(Saved entries)
---------------

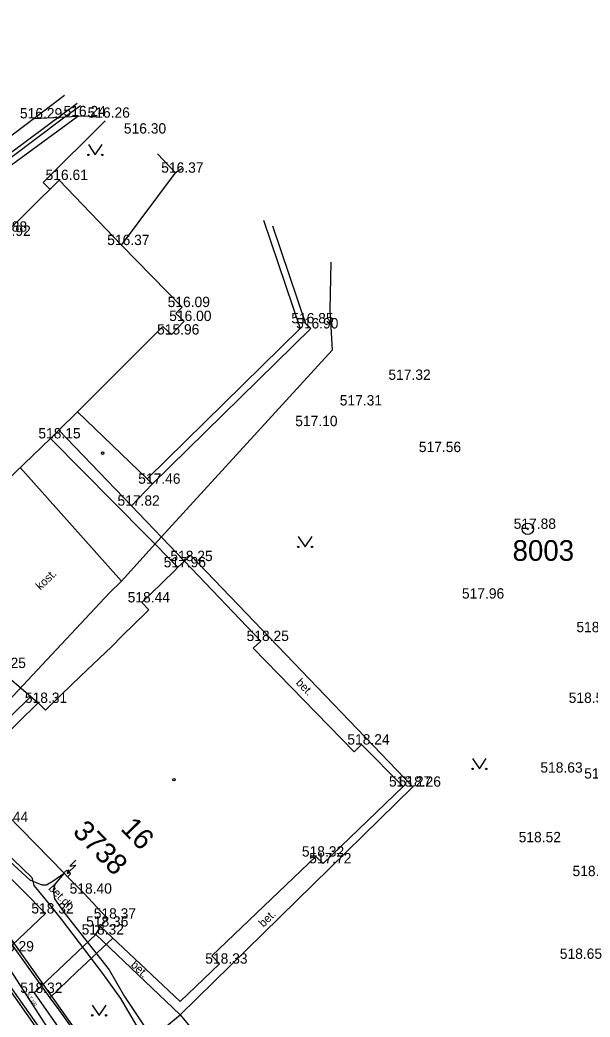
# Model space of a CAD drawing. Extents: x -668867 to -667827, y -1131943 to -1131019.
# Drawn here: x -668520.1 to -668478.8, y -1131166 to -1131093.7 of the extents above; entities that cross this region are included whole.
import ezdxf

# ---------------------------------------------------------------- set-up
doc = ezdxf.new("R2010")
doc.units = 0
for name, color, linetype in [('G_Bod_tecka', 7, 'Continuous'), ('G_Bod_vyska', 7, 'Continuous'), ('G_Bodove_pole', 7, 'Continuous'), ('G_Budovy-znacky', 7, 'Continuous'), ('G_Budovy_Objekty', 7, 'Continuous'), ('G_Budovy_vstupy', 7, 'Continuous'), ('G_Cesty_Schody', 7, 'Continuous'), ('G_Cisla_orientacni', 7, 'Continuous'), ('G_Cisla_popisna', 7, 'Continuous'), ('G_Plochy_zpevnene', 7, 'Continuous'), ('G_Ploty', 7, 'Continuous'), ('G_Ploty_vstupy', 7, 'Continuous'), ('G_Popisy_povrchu', 7, 'Continuous'), ('G_Site-Rozvadece', 7, 'Continuous'), ('G_Z_ELsilove_podz_kotovane', 7, 'Continuous'), ('G_Z_PLYNY_podz_geodeticky', 7, 'Continuous'), ('G_Z_SPOJE_podz_geodeticky', 7, 'Continuous'), ('G_Z_SPOJE_podz_kotovane', 7, 'Continuous'), ('G_Z_SPOJE_podz_priblizne', 7, 'Continuous'), ('G_Z_VODA_podz_kotovane', 7, 'Continuous'), ('G_Zelen-okraj', 7, 'Continuous'), ('G_Zelen-Znacky', 7, 'Continuous'), ('Vrstva 27', 7, 'Continuous'), ('Vrstva 4', 7, 'Continuous')]:
    doc.layers.add(name, color=color, linetype=linetype)

msp = doc.modelspace()

# ---------------------------------------------------------------- linework, layer by layer
at = {"layer": 'G_Bod_tecka'}
for p, q in [((-668519.09, -1131100.84), (-668519.09, -1131100.84)), ((-668515.93, -1131100.68), (-668515.93, -1131100.68)), ((-668517.28, -1131105.31), (-668517.28, -1131105.31)), ((-668508.84, -1131104.78), (-668508.84, -1131104.78)), ((-668512.76, -1131110.03), (-668512.76, -1131110.03)), ((-668508.35, -1131114.53), (-668508.35, -1131114.53)), ((-668508.22, -1131115.54), (-668508.22, -1131115.54)), ((-668499.4, -1131115.71), (-668499.4, -1131115.71)), ((-668499.03, -1131116.08), (-668499.03, -1131116.08)), ((-668509.14, -1131116.52), (-668509.14, -1131116.52)), ((-668492.37, -1131119.81), (-668492.37, -1131119.81)), ((-668495.96, -1131121.67), (-668495.96, -1131121.67)), ((-668499.25, -1131123.17), (-668499.25, -1131123.17)), ((-668517.91, -1131124.06), (-668517.91, -1131124.06)), ((-668490.16, -1131125.05), (-668490.16, -1131125.05)), ((-668510.51, -1131127.35), (-668510.51, -1131127.35)), ((-668512.04, -1131128.94), (-668512.04, -1131128.94)), ((-668483.28, -1131130.62), (-668483.28, -1131130.62)), ((-668508.66, -1131133.41), (-668508.66, -1131133.41)), ((-668508.19, -1131132.96), (-668508.19, -1131132.96)), ((-668487.02, -1131135.68), (-668487.02, -1131135.68)), ((-668511.29, -1131135.96), (-668511.29, -1131135.96)), ((-668502.66, -1131138.76), (-668502.66, -1131138.76)), ((-668518.81, -1131143.25), (-668518.81, -1131143.25)), ((-668479.29, -1131143.25), (-668479.29, -1131143.25)), ((-668495.35, -1131146.27), (-668495.35, -1131146.27)), ((-668481.33, -1131148.31), (-668481.33, -1131148.31)), ((-668492.33, -1131149.32), (-668492.33, -1131149.32)), ((-668491.61, -1131149.33), (-668491.61, -1131149.33)), ((-668482.92, -1131153.36), (-668482.92, -1131153.36)), ((-668498.65, -1131154.4), (-668498.65, -1131154.4)), ((-668498.12, -1131154.89), (-668498.12, -1131154.89)), ((-668479, -1131155.82), (-668479, -1131155.82)), ((-668515.48, -1131157.09), (-668515.48, -1131157.09)), ((-668518.28, -1131158.53), (-668518.28, -1131158.53)), ((-668513.75, -1131158.9), (-668513.75, -1131158.9)), ((-668514.29, -1131159.48), (-668514.29, -1131159.48)), ((-668514.63, -1131160.06), (-668514.63, -1131160.06)), ((-668505.66, -1131162.17), (-668505.66, -1131162.17)), ((-668479.92, -1131161.82), (-668479.92, -1131161.82)), ((-668519.09, -1131164.29), (-668519.09, -1131164.29))]:
    msp.add_line(p, q, dxfattribs=at)
at = {"layer": 'G_Bodove_pole'}
for radius in [0.412, 0.05]:
    msp.add_circle((-668483.28, -1131130.62), radius, dxfattribs=at)
at = {"layer": 'G_Budovy-znacky'}
for centre in [(-668514.13, -1131125.13), (-668508.96, -1131148.81)]:
    msp.add_circle(centre, 0.0875, dxfattribs=at)
at = {"layer": 'G_Budovy_Objekty'}
for p, q in [((-668521.37, -1131109.36), (-668517.28, -1131105.31)), ((-668517.28, -1131105.31), (-668512.76, -1131110.03)), ((-668508.35, -1131114.53), (-668512.76, -1131110.03)), ((-668508.35, -1131114.53), (-668508.81, -1131114.99)), ((-668508.81, -1131114.99), (-668508.22, -1131115.54)), ((-668509.76, -1131115.93), (-668515.96, -1131122.12)), ((-668509.76, -1131115.93), (-668509.14, -1131116.52)), ((-668509.14, -1131116.52), (-668508.22, -1131115.54)), ((-668515.96, -1131122.12), (-668517.3, -1131123.45)), ((-668515.96, -1131122.12), (-668510.89, -1131126.98)), ((-668517.3, -1131123.45), (-668517.91, -1131124.06)), ((-668517.3, -1131123.45), (-668512.04, -1131128.94)), ((-668526.63, -1131132.44), (-668517.91, -1131124.06)), ((-668510.89, -1131126.98), (-668510.51, -1131127.35)), ((-668512.04, -1131128.94), (-668510.51, -1131127.35)), ((-668508.92, -1131133.66), (-668508.66, -1131133.41)), ((-668508.66, -1131133.41), (-668508.19, -1131132.96)), ((-668502.66, -1131138.76), (-668508.19, -1131132.96)), ((-668511.29, -1131135.96), (-668510.64, -1131135.33)), ((-668510.77, -1131136.5), (-668511.29, -1131135.96)), ((-668510.77, -1131136.5), (-668510.98, -1131136.7)), ((-668512.7, -1131138.38), (-668513.49, -1131139.19)), ((-668503.2, -1131139.27), (-668502.66, -1131138.76)), ((-668503.2, -1131139.27), (-668495.88, -1131146.8)), ((-668515.24, -1131140.84), (-668516.34, -1131141.9)), ((-668524.57, -1131148.88), (-668518.81, -1131143.25)), ((-668518.28, -1131143.78), (-668518.81, -1131143.25)), ((-668518.07, -1131143.58), (-668518.28, -1131143.78)), ((-668495.88, -1131146.8), (-668495.35, -1131146.27)), ((-668495.35, -1131146.27), (-668492.33, -1131149.32)), ((-668492.33, -1131149.32), (-668498.12, -1131154.89)), ((-668516.95, -1131155.58), (-668521.05, -1131151.37)), ((-668498.65, -1131154.4), (-668506.2, -1131161.61)), ((-668498.12, -1131154.89), (-668498.65, -1131154.4)), ((-668516.67, -1131155.87), (-668516.95, -1131155.58)), ((-668515.48, -1131157.09), (-668516.67, -1131155.87)), ((-668513.75, -1131158.9), (-668514.29, -1131159.48)), ((-668514.24, -1131158.4), (-668513.75, -1131158.9)), ((-668508.51, -1131164.92), (-668514.29, -1131159.48)), ((-668506.2, -1131161.61), (-668505.66, -1131162.17)), ((-668505.66, -1131162.17), (-668508.51, -1131164.92))]:
    msp.add_line(p, q, dxfattribs=at)
at = {"layer": 'G_Budovy_vstupy'}
for p, q in [((-668508.92, -1131133.66), (-668510.64, -1131135.33)), ((-668510.98, -1131136.7), (-668512.7, -1131138.38)), ((-668513.49, -1131139.19), (-668515.24, -1131140.84)), ((-668516.34, -1131141.9), (-668518.07, -1131143.58)), ((-668515.48, -1131157.09), (-668514.24, -1131158.4))]:
    msp.add_line(p, q, dxfattribs=at)
at = {"layer": 'G_Cesty_Schody'}
msp.add_line((-668519.09, -1131100.84), (-668515.93, -1131100.68), dxfattribs=at)
for points in [[(-668519.34, -1131142.79), (-668518.81, -1131143.25)], [(-668514.63, -1131160.06), (-668514.29, -1131159.48)]]:
    msp.add_lwpolyline(points, dxfattribs=at)
at = {"layer": 'G_Plochy_zpevnene'}
msp.add_line((-668524.31, -1131106.77), (-668515.93, -1131100.68), dxfattribs=at)
for points in [[(-668516.904, -1131099.173), (-668519.09, -1131100.84), (-668528.91, -1131108.28), (-668538.73, -1131115.7)], [(-668514.35, -1131100.772), (-668515.05, -1131100.7), (-668515.93, -1131100.68)], [(-668508.84, -1131104.78), (-668510.153, -1131103.399)], [(-668507.76, -1131132.54), (-668508.19, -1131132.96)], [(-668507.76, -1131132.54), (-668491.61, -1131149.33)], [(-668528.51, -1131143.03), (-668526.93, -1131141.99), (-668524.42, -1131140.62), (-668523.66, -1131140.38), (-668522.89, -1131140.34), (-668522.28, -1131140.44), (-668521.74, -1131140.72), (-668520.54, -1131141.75), (-668519.34, -1131142.79)], [(-668524.9, -1131148.22), (-668519.34, -1131142.79)], [(-668491.61, -1131149.33), (-668508.51, -1131165.89)], [(-668518.28, -1131158.53), (-668523.26, -1131153.5)], [(-668521.17, -1131161.28), (-668518.28, -1131158.53)], [(-668519.09, -1131164.29), (-668514.63, -1131160.06)], [(-668508.51, -1131165.89), (-668514.63, -1131160.06)], [(-668519.09, -1131164.29), (-668516.8, -1131167.57), (-668514.52, -1131170.85), (-668512.32, -1131173.99), (-668510.12, -1131177.12), (-668504.98, -1131184.32), (-668499.66, -1131191.4), (-668495.33, -1131196.99), (-668490.99, -1131202.58)]]:
    msp.add_lwpolyline(points, dxfattribs=at)
at = {"layer": 'G_Ploty'}
for p, q in [((-668512.76, -1131110.03), (-668508.84, -1131104.78)), ((-668502.451, -1131108.22), (-668499.79, -1131116.09)), ((-668501.798, -1131108.629), (-668499.4, -1131115.71)), ((-668499.79, -1131116.09), (-668510.89, -1131126.98)), ((-668517.91, -1131124.06), (-668508.66, -1131133.41)), ((-668512.04, -1131128.94), (-668508.19, -1131132.96))]:
    msp.add_line(p, q, dxfattribs=at)
msp.add_lwpolyline([(-668510.51, -1131127.35), (-668499.03, -1131116.08), (-668499.4, -1131115.71)], dxfattribs=at)
at = {"layer": 'G_Ploty_vstupy'}
msp.add_line((-668508.388, -1131104.504), (-668508.84, -1131104.78), dxfattribs=at)
at = {"layer": 'G_Site-Rozvadece'}
for p, q in [((-668516.073, -1131155.011), (-668516.7, -1131155.621)), ((-668516.068, -1131154.656), (-668516.516, -1131155.093)), ((-668516.516, -1131155.093), (-668516.073, -1131155.011)), ((-668516.73, -1131155.38), (-668516.95, -1131155.58)), ((-668516.45, -1131155.66), (-668516.73, -1131155.38)), ((-668516.601, -1131155.371), (-668516.7, -1131155.621)), ((-668516.7, -1131155.621), (-668516.448, -1131155.529)), ((-668516.67, -1131155.87), (-668516.45, -1131155.66))]:
    msp.add_line(p, q, dxfattribs=at)
at = {"layer": 'G_Z_ELsilove_podz_kotovane'}
for points in [[(-668555.398, -1131094.402), (-668552.424, -1131100.994), (-668549.819, -1131105.896), (-668549.036, -1131109.044), (-668543.513, -1131123.011), (-668538.77, -1131133.046), (-668533.966, -1131143.005), (-668533.886, -1131143.112), (-668529.079, -1131151.328), (-668522.184, -1131161.928), (-668516.261, -1131170.305), (-668508.028, -1131181.583), (-668500.536, -1131191.955), (-668492.492, -1131202.47), (-668484.337, -1131212.694), (-668478.332, -1131220.418)], [(-668556.493, -1131095.145), (-668554.122, -1131100.103), (-668548.87, -1131109.379), (-668543.078, -1131121.886), (-668542.515, -1131122.204), (-668542.111, -1131122.06), (-668541.748, -1131121.675), (-668541.426, -1131121.211), (-668539.241, -1131119.33), (-668532.251, -1131112.431), (-668526.488, -1131107.968), (-668516.979, -1131100.808), (-668515.738, -1131099.903)], [(-668515.975, -1131099.754), (-668517.114, -1131100.593), (-668526.709, -1131107.733), (-668532.411, -1131112.155), (-668539.445, -1131119.017), (-668541.629, -1131121.118), (-668541.933, -1131121.431), (-668542.228, -1131121.662), (-668542.512, -1131121.611), (-668542.843, -1131121.448), (-668547.35, -1131112.191), (-668548.24, -1131109.636), (-668550.9, -1131105.378), (-668553.911, -1131100.051), (-668556.371, -1131095.062)], [(-668522.931, -1131152.878), (-668519.382, -1131156.103), (-668519.222, -1131156.166), (-668519.183, -1131156.181), (-668518.956, -1131156.269), (-668518.547, -1131156.443), (-668518.197, -1131156.441), (-668517.712, -1131156.151), (-668516.918, -1131155.614), (-668517.576, -1131156.377), (-668517.724, -1131156.828), (-668517.612, -1131157.463), (-668516.87, -1131158.53), (-668513.648, -1131162.618), (-668512.547, -1131164.552), (-668511.049, -1131166.81)], [(-668522.663, -1131152.674), (-668519.274, -1131155.919), (-668519.185, -1131156.172), (-668519.183, -1131156.181), (-668519.121, -1131156.492), (-668517.995, -1131157.866), (-668517.147, -1131158.939), (-668514.13, -1131162.894), (-668512.839, -1131164.7), (-668511.513, -1131166.968)]]:
    msp.add_lwpolyline(points, dxfattribs=at)
at = {"layer": 'G_Z_PLYNY_podz_geodeticky'}
for points in [[(-668513.946, -1131101.025), (-668518.45, -1131105.48), (-668517.96, -1131105.98)], [(-668529.76, -1131143.74), (-668524.16, -1131155.67), (-668491.6, -1131201.52), (-668457.62, -1131243.27), (-668455.9, -1131245.37), (-668427.25, -1131279.92), (-668424.99, -1131282.65)]]:
    msp.add_lwpolyline(points, dxfattribs=at)
at = {"layer": 'G_Z_SPOJE_podz_geodeticky'}
for points in [[(-668497.572, -1131111.275), (-668497.64, -1131114.72), (-668497.48, -1131117.66), (-668509.85, -1131131.19), (-668512.75, -1131134.42)], [(-668520.11, -1131126.17), (-668512.75, -1131134.42)], [(-668512.75, -1131134.42), (-668513.64, -1131135.27), (-668525.5, -1131147.94), (-668527.12, -1131149.82), (-668527.37, -1131150.63), (-668527.3, -1131151.61), (-668517.96, -1131164.64)], [(-668513.39, -1131160.31), (-668515.99, -1131162.77), (-668517.96, -1131164.64)], [(-668517.96, -1131164.64), (-668517.26, -1131165.59)], [(-668517.26, -1131165.59), (-668513.76, -1131170.49), (-668511.79, -1131173.43)]]:
    msp.add_lwpolyline(points, dxfattribs=at)
at = {"layer": 'G_Z_SPOJE_podz_kotovane'}
for points in [[(-668538.05, -1131107.48), (-668541.02, -1131108.79), (-668541.35, -1131109.82), (-668535.86, -1131115.82), (-668534.58, -1131115.3), (-668531.82, -1131117.98), (-668536.77, -1131123.07), (-668537.78, -1131123.05), (-668538.54, -1131123.66), (-668538.88, -1131123.92), (-668539.22, -1131123.89), (-668541.22, -1131123.43), (-668541.47, -1131123.37), (-668542.59, -1131124.18), (-668542.56, -1131126.14), (-668537.42, -1131137.13), (-668529.67, -1131150.9), (-668522.72, -1131161.47), (-668503.3, -1131189.1), (-668501.247, -1131191.625)], [(-668497.572, -1131111.275), (-668497.64, -1131114.72), (-668497.48, -1131117.66), (-668509.85, -1131131.19), (-668512.75, -1131134.42)], [(-668520.11, -1131126.17), (-668512.75, -1131134.42)], [(-668512.75, -1131134.42), (-668513.64, -1131135.27), (-668525.5, -1131147.94), (-668527.12, -1131149.82), (-668527.37, -1131150.63), (-668527.3, -1131151.61), (-668517.96, -1131164.64)], [(-668513.39, -1131160.31), (-668515.99, -1131162.77), (-668517.96, -1131164.64)], [(-668517.96, -1131164.64), (-668517.26, -1131165.59)], [(-668517.26, -1131165.59), (-668513.76, -1131170.49), (-668511.79, -1131173.43)]]:
    msp.add_lwpolyline(points, dxfattribs=at)
at = {"layer": 'G_Z_SPOJE_podz_priblizne'}
for points in [[(-668497.572, -1131111.275), (-668497.64, -1131114.72), (-668497.48, -1131117.66), (-668509.85, -1131131.19), (-668512.75, -1131134.42)], [(-668520.11, -1131126.17), (-668512.75, -1131134.42)], [(-668512.75, -1131134.42), (-668513.64, -1131135.27), (-668525.5, -1131147.94), (-668527.12, -1131149.82), (-668527.37, -1131150.63), (-668527.3, -1131151.61), (-668517.96, -1131164.64)], [(-668513.39, -1131160.31), (-668515.99, -1131162.77), (-668517.96, -1131164.64)], [(-668517.96, -1131164.64), (-668517.26, -1131165.59)], [(-668517.26, -1131165.59), (-668513.76, -1131170.49), (-668511.79, -1131173.43)]]:
    msp.add_lwpolyline(points, dxfattribs=at)
at = {"layer": 'G_Z_VODA_podz_kotovane'}
msp.add_lwpolyline([(-668554.356, -1131093.695), (-668553.39, -1131095.66), (-668547.53, -1131106.87), (-668547.37, -1131107.14), (-668535.16, -1131134.42), (-668524.68, -1131156.69), (-668524.68, -1131156.69), (-668514.04, -1131173.18), (-668502.91, -1131189.19), (-668501.17, -1131191.76), (-668498.15, -1131195.68), (-668493.12, -1131202.03), (-668493.02, -1131202.16), (-668492.31, -1131203.14)], dxfattribs=at)
at = {"layer": 'G_Zelen-okraj'}
for points in [[(-668514.52, -1131170.85), (-668508.51, -1131165.89)], [(-668508.51, -1131165.89), (-668504.25, -1131171)]]:
    msp.add_lwpolyline(points, dxfattribs=at)
at = {"layer": 'G_Zelen-Znacky'}
for p, q in [((-668515.16, -1131102.74), (-668514.66, -1131103.49)), ((-668514.66, -1131103.49), (-668514.16, -1131102.74)), ((-668499.93, -1131131.18), (-668499.43, -1131131.93)), ((-668499.43, -1131131.93), (-668498.93, -1131131.18)), ((-668487.29, -1131147.29), (-668486.79, -1131148.04)), ((-668486.79, -1131148.04), (-668486.29, -1131147.29)), ((-668514.88, -1131165.17), (-668514.38, -1131165.92)), ((-668514.38, -1131165.92), (-668513.88, -1131165.17))]:
    msp.add_line(p, q, dxfattribs=at)
for centre in [(-668515.16, -1131103.49), (-668514.16, -1131103.49), (-668499.93, -1131131.93), (-668498.93, -1131131.93), (-668487.29, -1131148.04), (-668486.29, -1131148.04), (-668514.88, -1131165.92), (-668513.88, -1131165.92)]:
    msp.add_circle(centre, 0.05, dxfattribs=at)
at = {"layer": 'Vrstva 27'}
msp.add_lwpolyline([(-668554.359, -1131093.697), (-668553.394, -1131095.659), (-668547.53, -1131106.872), (-668547.372, -1131107.14), (-668535.158, -1131134.419), (-668524.68, -1131156.688), (-668524.679, -1131156.689), (-668514.04, -1131173.182), (-668502.909, -1131189.194), (-668501.166, -1131191.758), (-668498.148, -1131195.679), (-668493.124, -1131202.026), (-668493.025, -1131202.162), (-668492.315, -1131203.139)], dxfattribs=at)

# ---------------------------------------------------------------- texts
at = {"layer": 'G_Bod_vyska'}
for s, p in [('516.29', (-668520.128, -1131100.84)), ('516.24', (-668516.966, -1131100.68)), ('516.26', (-668515.22, -1131100.79)), ('516.30', (-668512.588, -1131101.94)), ('516.61', (-668518.268, -1131105.31)), ('516.37', (-668509.876, -1131104.78)), ('516.88', (-668522.676, -1131109.06)), ('516.92', (-668522.408, -1131109.36)), ('516.37', (-668513.796, -1131110.03)), ('516.09', (-668509.41, -1131114.53)), ('516.00', (-668509.299, -1131115.54)), ('516.85', (-668500.436, -1131115.71)), ('516.90', (-668500.09, -1131116.08)), ('515.96', (-668510.178, -1131116.52)), ('517.32', (-668493.392, -1131119.81)), ('517.31', (-668496.921, -1131121.67)), ('517.10', (-668500.152, -1131123.17)), ('518.15', (-668518.791, -1131124.06)), ('517.56', (-668491.186, -1131125.05)), ('517.46', (-668511.546, -1131127.35)), ('517.82', (-668513.052, -1131128.94)), ('517.88', (-668484.302, -1131130.62)), ('517.96', (-668509.698, -1131133.41)), ('518.25', (-668509.212, -1131132.96)), ('517.96', (-668488.058, -1131135.68)), ('518.44', (-668512.312, -1131135.96)), ('518.45', (-668479.752, -1131138.12)), ('518.25', (-668503.682, -1131138.76)), ('518.25', (-668522.762, -1131140.72)), ('518.31', (-668519.771, -1131143.25)), ('518.57', (-668480.312, -1131143.25)), ('518.24', (-668496.372, -1131146.27)), ('518.63', (-668482.366, -1131148.31)), ('518.71', (-668479.191, -1131148.74)), ('518.27', (-668493.352, -1131149.32)), ('518.26', (-668492.646, -1131149.33)), ('518.44', (-668522.602, -1131151.9)), ('518.52', (-668483.942, -1131153.36)), ('518.32', (-668499.672, -1131154.4)), ('517.72', (-668499.142, -1131154.89)), ('518.70', (-668480.034, -1131155.82)), ('518.40', (-668516.524, -1131157.09)), ('518.32', (-668519.302, -1131158.53)), ('518.37', (-668514.772, -1131158.9)), ('518.36', (-668515.326, -1131159.48)), ('518.32', (-668515.652, -1131160.06)), ('518.29', (-668522.184, -1131161.28)), ('518.65', (-668480.956, -1131161.82)), ('518.33', (-668506.682, -1131162.17)), ('518.32', (-668520.112, -1131164.29))]:
    msp.add_text(s, height=0.75, dxfattribs=at).set_placement(p)
at = {"layer": 'G_Bodove_pole'}
msp.add_text('8003', height=1.5, dxfattribs=at).set_placement((-668484.383, -1131132.94))
at = {"layer": 'G_Cisla_orientacni'}
msp.add_text('16', height=1.5, rotation=314.23367, dxfattribs=at).set_placement((-668512.891, -1131152.43))
at = {"layer": 'G_Cisla_popisna'}
msp.add_text('3738', height=1.5, rotation=314.23367, dxfattribs=at).set_placement((-668516.368, -1131152.661))
at = {"layer": 'G_Popisy_povrchu'}
for s, rotation, p in [('kost.', 44.12223, (-668518.636, -1131135.107)), ('bet.', 314.19742, (-668500.145, -1131141.825)), ('bet.dl.', 313.61428, (-668518.099, -1131156.747)), ('bet.', 44.41252, (-668502.462, -1131159.567)), ('bet.', 316.41892, (-668512.133, -1131162.314))]:
    msp.add_text(s, height=0.6, rotation=rotation, dxfattribs=at).set_placement(p)
at = {"layer": 'Vrstva 4'}
msp.add_text('ŠLT 100', height=0.2194, rotation=302.83865, dxfattribs=at).set_placement((-668519.68, -1131164.31))

doc.saveas('drawing.dxf')

---------------

What is needed:
Look through the data above and return each line where the string "color" occurs.

Exercise answer:
for name, color, linetype in [('G_Bod_tecka', 7, 'Continuous'), ('G_Bod_vyska', 7, 'Continuous'), ('G_Bodove_pole', 7, 'Continuous'), ('G_Budovy-znacky', 7, 'Continuous'), ('G_Budovy_Objekty', 7, 'Continuous'), ('G_Budovy_vstupy', 7, 'Continuous'), ('G_Cesty_Schody', 7, 'Continuous'), ('G_Cisla_orientacni', 7, 'Continuous'), ('G_Cisla_popisna', 7, 'Continuous'), ('G_Plochy_zpevnene', 7, 'Continuous'), ('G_Ploty', 7, 'Continuous'), ('G_Ploty_vstupy', 7, 'Continuous'), ('G_Popisy_povrchu', 7, 'Continuous'), ('G_Site-Rozvadece', 7, 'Continuous'), ('G_Z_ELsilove_podz_kotovane', 7, 'Continuous'), ('G_Z_PLYNY_podz_geodeticky', 7, 'Continuous'), ('G_Z_SPOJE_podz_geodeticky', 7, 'Continuous'), ('G_Z_SPOJE_podz_kotovane', 7, 'Continuous'), ('G_Z_SPOJE_podz_priblizne', 7, 'Continuous'), ('G_Z_VODA_podz_kotovane', 7, 'Continuous'), ('G_Zelen-okraj', 7, 'Continuous'), ('G_Zelen-Znacky', 7, 'Continuous'), ('Vrstva 27', 7, 'Continuous'), ('Vrstva 4', 7, 'Continuous')]:
    doc.layers.add(name, color=color, linetype=linetype)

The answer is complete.